▸ **Task details**: Among the entries that follow, find the lines containing the string "symbols" and copy them.
[Data provided]
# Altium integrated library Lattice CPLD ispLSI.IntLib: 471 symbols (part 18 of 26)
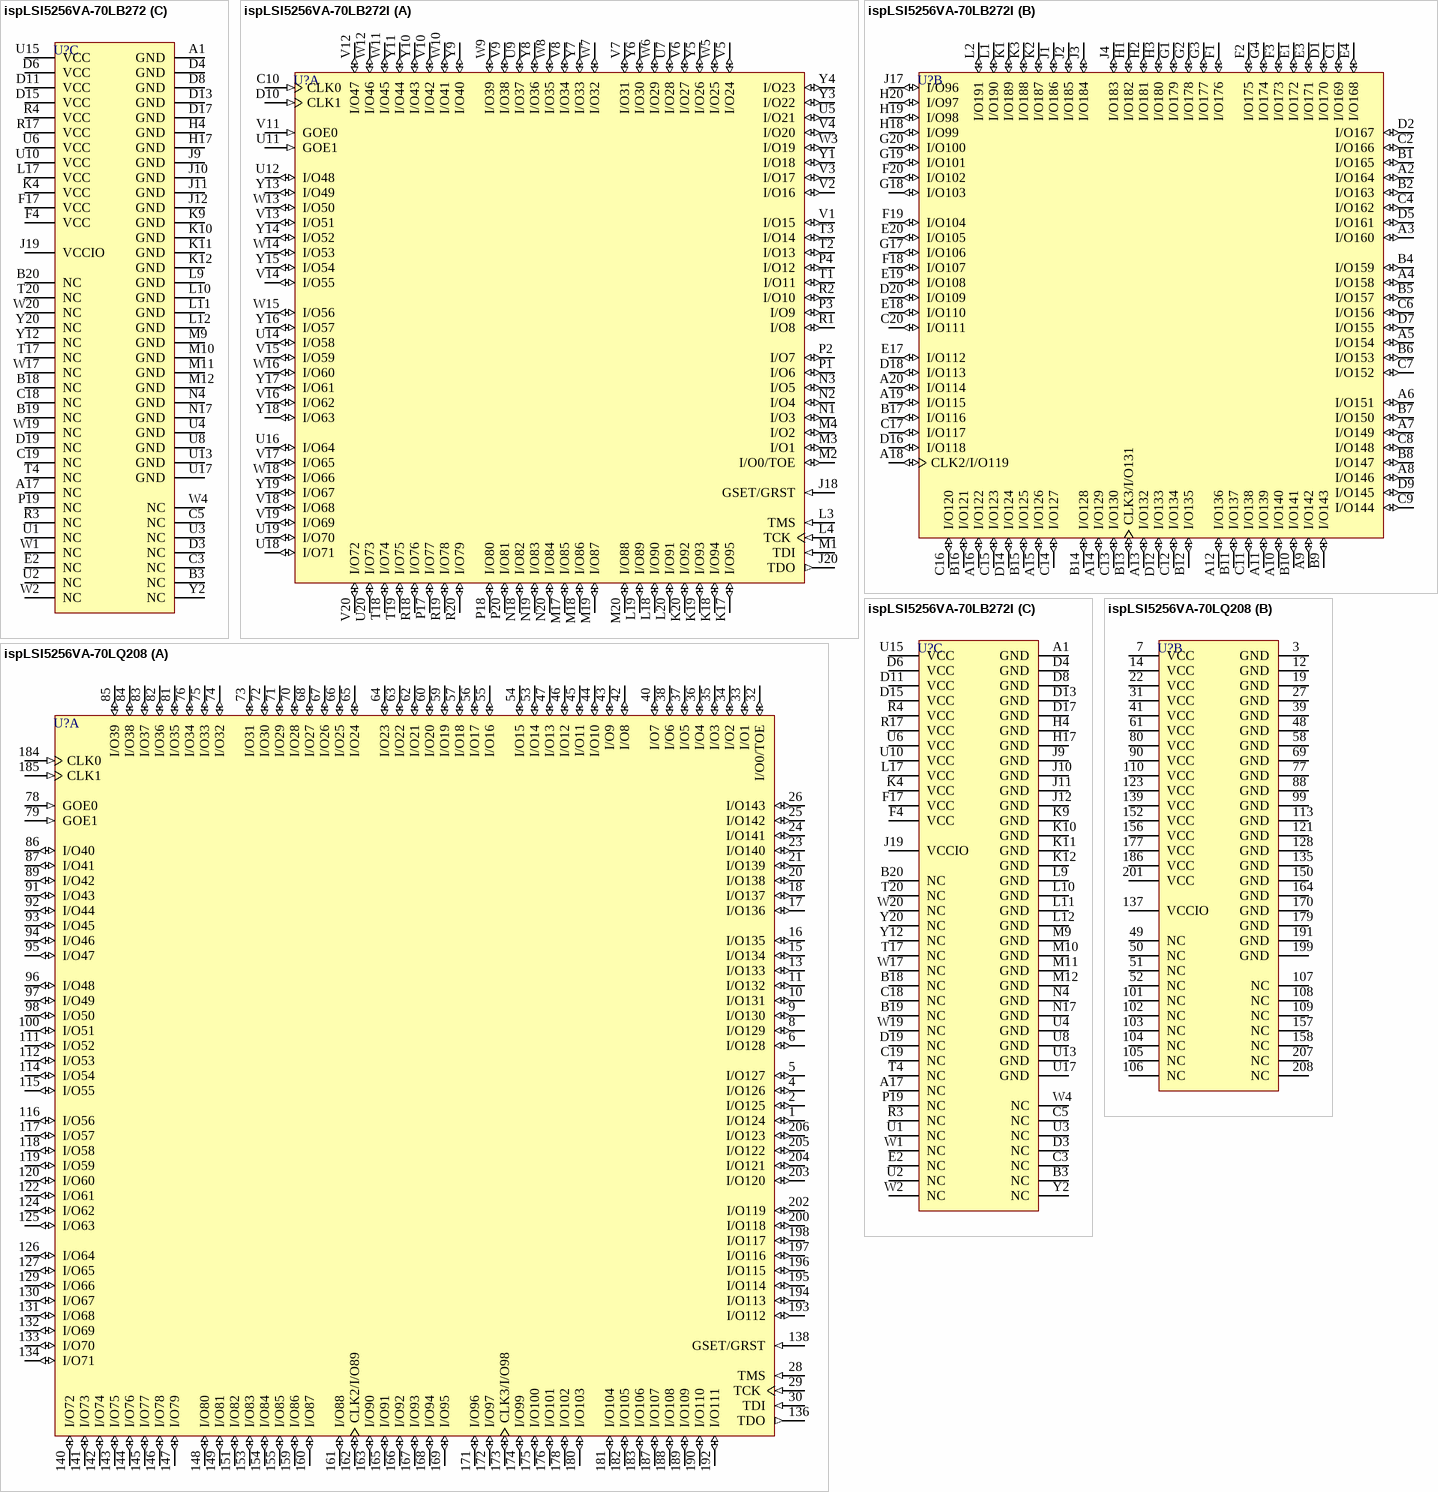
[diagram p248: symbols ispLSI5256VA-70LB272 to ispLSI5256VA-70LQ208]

## ispLSI5256VA-70LB272
designator U?
In-System Programmable 3.3V SuperWIDE High Density PLD
footprint BGA272 (BGA, 272-Leads, Body 27x27mm, Pitch 1.27mm)
3D model 5256VA-BGA272 (272-Ball Ball Grid Array (BGA272))
part A pins: C10 CLK0 (in), D10 CLK1 (in), J18 GSET/GRST (in), J20 TDO (out), K17 I/O95 (io), K18 I/O94 (io), K19 I/O93 (io), K20 I/O92 (io), L3 TMS (in), L4 TCK (in), L18 I/O90 (io), L19 I/O89 (io), L20 I/O91 (io), M1 TDI (in), M2 I/O0/TOE (io), M3 I/O1 (io), M4 I/O2 (io), M17 I/O85 (io), M18 I/O86 (io), M19 I/O87 (io), M20 I/O88 (io), N1 I/O3 (io), N2 I/O4 (io), N3 I/O5 (io), N18 I/O82 (io), N19 I/O83 (io), N20 I/O84 (io), P1 I/O6 (io), P2 I/O7 (io), P3 I/O9 (io), P4 I/O12 (io), P17 I/O77 (io), P18 I/O80 (io), P20 I/O81 (io), R1 I/O8 (io), R2 I/O10 (io), R18 I/O76 (io), R19 I/O78 (io), R20 I/O79 (io), T1 I/O11 (io), T2 I/O13 (io), T3 I/O14 (io), T18 I/O74 (io), T19 I/O75 (io), U5 I/O21 (io), U7 I/O28 (io), U9 I/O37 (io), U11 GOE1 (in), U12 I/O48 (io), U14 I/O58 (io), U16 I/O64 (io), U18 I/O71 (io), U19 I/O70 (io), U20 I/O73 (io), V1 I/O15 (io), V2 I/O16 (io), V3 I/O17 (io), V4 I/O20 (io), V5 I/O24 (io), V6 I/O27 (io), V7 I/O31 (io), V8 I/O34 (io), V9 I/O38 (io), V10 I/O42 (io), V11 GOE0 (in), V12 I/O47 (io), V13 I/O51 (io), V14 I/O55 (io), V15 I/O59 (io), V16 I/O62 (io), V17 I/O65 (io), V18 I/O68 (io), V19 I/O69 (io), V20 I/O72 (io), W3 I/O19 (io), W5 I/O25 (io), W6 I/O29 (io), W7 I/O32 (io), W8 I/O35 (io), W9 I/O39 (io), W10 I/O41 (io), W11 I/O45 (io), W12 I/O46 (io), W13 I/O50 (io), W14 I/O53 (io), W15 I/O56 (io), W16 I/O60 (io), W18 I/O66 (io), Y1 I/O18 (io), Y3 I/O22 (io), Y4 I/O23 (io), Y5 I/O26 (io), Y6 I/O30 (io), Y7 I/O33 (io), Y8 I/O36 (io), Y9 I/O40 (io), Y10 I/O43 (io), Y11 I/O44 (io), Y13 I/O49 (io), Y14 I/O52 (io), Y15 I/O54 (io), Y16 I/O57 (io), Y17 I/O61 (io), Y18 I/O63 (io), Y19 I/O67 (io)
part B pins: A2 I/O164 (io), A3 I/O160 (io), A4 I/O158 (io), A5 I/O154 (io), A6 I/O151 (io), A7 I/O149 (io), A8 I/O146 (io), A9 I/O142 (io), A10 I/O140 (io), A11 I/O139 (io), A12 I/O136 (io), A13 I/O132 (io), A14 I/O129 (io), A15 I/O126 (io), A16 I/O122 (io), A18 CLK2/I/O119 (io), A19 I/O115 (io), A20 I/O114 (io), B1 I/O165 (io), B2 I/O163 (io), B4 I/O159 (io), B5 I/O157 (io), B6 I/O153 (io), B7 I/O150 (io), B8 I/O147 (io), B9 I/O143 (io), B10 I/O141 (io), B11 I/O137 (io), B12 I/O135 (io), B13 CLK3/I/O131 (io), B14 I/O128 (io), B15 I/O125 (io), B16 I/O121 (io), B17 I/O116 (io), C1 I/O169 (io), C2 I/O166 (io), C4 I/O162 (io), C6 I/O156 (io), C7 I/O152 (io), C8 I/O148 (io), C9 I/O144 (io), C11 I/O138 (io), C12 I/O134 (io), C13 I/O130 (io), C14 I/O127 (io), C15 I/O123 (io), C16 I/O120 (io), C17 I/O117 (io), C20 I/O111 (io), D1 I/O170 (io), D2 I/O167 (io), D5 I/O161 (io), D7 I/O155 (io), D9 I/O145 (io), D12 I/O133 (io), D14 I/O124 (io), D16 I/O118 (io), D18 I/O113 (io), D20 I/O109 (io), E1 I/O172 (io), E3 I/O171 (io), E4 I/O168 (io), E17 I/O112 (io), E18 I/O110 (io), E19 I/O108 (io), E20 I/O105 (io), F1 I/O176 (io), F2 I/O175 (io), F3 I/O173 (io), F18 I/O107 (io), F19 I/O104 (io), F20 I/O102 (io), G1 I/O179 (io), G2 I/O178 (io), G3 I/O177 (io), G4 I/O174 (io), G17 I/O106 (io), G18 I/O103 (io), G19 I/O101 (io), G20 I/O100 (io), H1 I/O182 (io), H2 I/O181 (io), H3 I/O180 (io), H18 I/O99 (io), H19 I/O98 (io), H20 I/O97 (io), J1 I/O186 (io), J2 I/O185 (io), J3 I/O184 (io), J4 I/O183 (io), J17 I/O96 (io), K1 I/O189 (io), K2 I/O187 (io), K3 I/O188 (io), L1 I/O190 (io), L2 I/O191 (io)
part C pins: A1 GND (power), A17 NC, B3 NC, B18 NC, B19 NC, B20 NC, C3 NC, C5 NC, C18 NC, C19 NC, D3 NC, D4 GND (power), D6 VCC (power), D8 GND (power), D11 VCC (power), D13 GND (power), D15 VCC (power), D17 GND (power), D19 NC, E2 NC, F4 VCC (power), F17 VCC (power), H4 GND (power), H17 GND (power), J9 GND (power), J10 GND (power), J11 GND (power), J12 GND (power), J19 VCCIO (power), K4 VCC (power), K9 GND (power), K10 GND (power), K11 GND (power), K12 GND (power), L9 GND (power), L10 GND (power), L11 GND (power), L12 GND (power), L17 VCC (power), M9 GND (power), M10 GND (power), M11 GND (power), M12 GND (power), N4 GND (power), N17 GND (power), P19 NC, R3 NC, R4 VCC (power), R17 VCC (power), T4 NC, T17 NC, T20 NC, U1 NC, U2 NC, U3 NC, U4 GND (power), U6 VCC (power), U8 GND (power), U10 VCC (power), U13 GND (power), U15 VCC (power), U17 GND (power), W1 NC, W2 NC, W4 NC, W17 NC, W19 NC, W20 NC, Y2 NC, Y12 NC, Y20 NC

## ispLSI5256VA-70LB272I
designator U?
In-System Programmable 3.3V SuperWIDE High Density PLD
footprint BGA272 (BGA, 272-Leads, Body 27x27mm, Pitch 1.27mm)
3D model 5256VA-BGA272 (272-Ball Ball Grid Array (BGA272))
part A pins: C10 CLK0 (in), D10 CLK1 (in), J18 GSET/GRST (in), J20 TDO (out), K17 I/O95 (io), K18 I/O94 (io), K19 I/O93 (io), K20 I/O92 (io), L3 TMS (in), L4 TCK (in), L18 I/O90 (io), L19 I/O89 (io), L20 I/O91 (io), M1 TDI (in), M2 I/O0/TOE (io), M3 I/O1 (io), M4 I/O2 (io), M17 I/O85 (io), M18 I/O86 (io), M19 I/O87 (io), M20 I/O88 (io), N1 I/O3 (io), N2 I/O4 (io), N3 I/O5 (io), N18 I/O82 (io), N19 I/O83 (io), N20 I/O84 (io), P1 I/O6 (io), P2 I/O7 (io), P3 I/O9 (io), P4 I/O12 (io), P17 I/O77 (io), P18 I/O80 (io), P20 I/O81 (io), R1 I/O8 (io), R2 I/O10 (io), R18 I/O76 (io), R19 I/O78 (io), R20 I/O79 (io), T1 I/O11 (io), T2 I/O13 (io), T3 I/O14 (io), T18 I/O74 (io), T19 I/O75 (io), U5 I/O21 (io), U7 I/O28 (io), U9 I/O37 (io), U11 GOE1 (in), U12 I/O48 (io), U14 I/O58 (io), U16 I/O64 (io), U18 I/O71 (io), U19 I/O70 (io), U20 I/O73 (io), V1 I/O15 (io), V2 I/O16 (io), V3 I/O17 (io), V4 I/O20 (io), V5 I/O24 (io), V6 I/O27 (io), V7 I/O31 (io), V8 I/O34 (io), V9 I/O38 (io), V10 I/O42 (io), V11 GOE0 (in), V12 I/O47 (io), V13 I/O51 (io), V14 I/O55 (io), V15 I/O59 (io), V16 I/O62 (io), V17 I/O65 (io), V18 I/O68 (io), V19 I/O69 (io), V20 I/O72 (io), W3 I/O19 (io), W5 I/O25 (io), W6 I/O29 (io), W7 I/O32 (io), W8 I/O35 (io), W9 I/O39 (io), W10 I/O41 (io), W11 I/O45 (io), W12 I/O46 (io), W13 I/O50 (io), W14 I/O53 (io), W15 I/O56 (io), W16 I/O60 (io), W18 I/O66 (io), Y1 I/O18 (io), Y3 I/O22 (io), Y4 I/O23 (io), Y5 I/O26 (io), Y6 I/O30 (io), Y7 I/O33 (io), Y8 I/O36 (io), Y9 I/O40 (io), Y10 I/O43 (io), Y11 I/O44 (io), Y13 I/O49 (io), Y14 I/O52 (io), Y15 I/O54 (io), Y16 I/O57 (io), Y17 I/O61 (io), Y18 I/O63 (io), Y19 I/O67 (io)
part B pins: A2 I/O164 (io), A3 I/O160 (io), A4 I/O158 (io), A5 I/O154 (io), A6 I/O151 (io), A7 I/O149 (io), A8 I/O146 (io), A9 I/O142 (io), A10 I/O140 (io), A11 I/O139 (io), A12 I/O136 (io), A13 I/O132 (io), A14 I/O129 (io), A15 I/O126 (io), A16 I/O122 (io), A18 CLK2/I/O119 (io), A19 I/O115 (io), A20 I/O114 (io), B1 I/O165 (io), B2 I/O163 (io), B4 I/O159 (io), B5 I/O157 (io), B6 I/O153 (io), B7 I/O150 (io), B8 I/O147 (io), B9 I/O143 (io), B10 I/O141 (io), B11 I/O137 (io), B12 I/O135 (io), B13 CLK3/I/O131 (io), B14 I/O128 (io), B15 I/O125 (io), B16 I/O121 (io), B17 I/O116 (io), C1 I/O169 (io), C2 I/O166 (io), C4 I/O162 (io), C6 I/O156 (io), C7 I/O152 (io), C8 I/O148 (io), C9 I/O144 (io), C11 I/O138 (io), C12 I/O134 (io), C13 I/O130 (io), C14 I/O127 (io), C15 I/O123 (io), C16 I/O120 (io), C17 I/O117 (io), C20 I/O111 (io), D1 I/O170 (io), D2 I/O167 (io), D5 I/O161 (io), D7 I/O155 (io), D9 I/O145 (io), D12 I/O133 (io), D14 I/O124 (io), D16 I/O118 (io), D18 I/O113 (io), D20 I/O109 (io), E1 I/O172 (io), E3 I/O171 (io), E4 I/O168 (io), E17 I/O112 (io), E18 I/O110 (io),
[/Data provided]
▸ **Output for this task**:
# Altium integrated library Lattice CPLD ispLSI.IntLib: 471 symbols (part 18 of 26)
[diagram p248: symbols ispLSI5256VA-70LB272 to ispLSI5256VA-70LQ208]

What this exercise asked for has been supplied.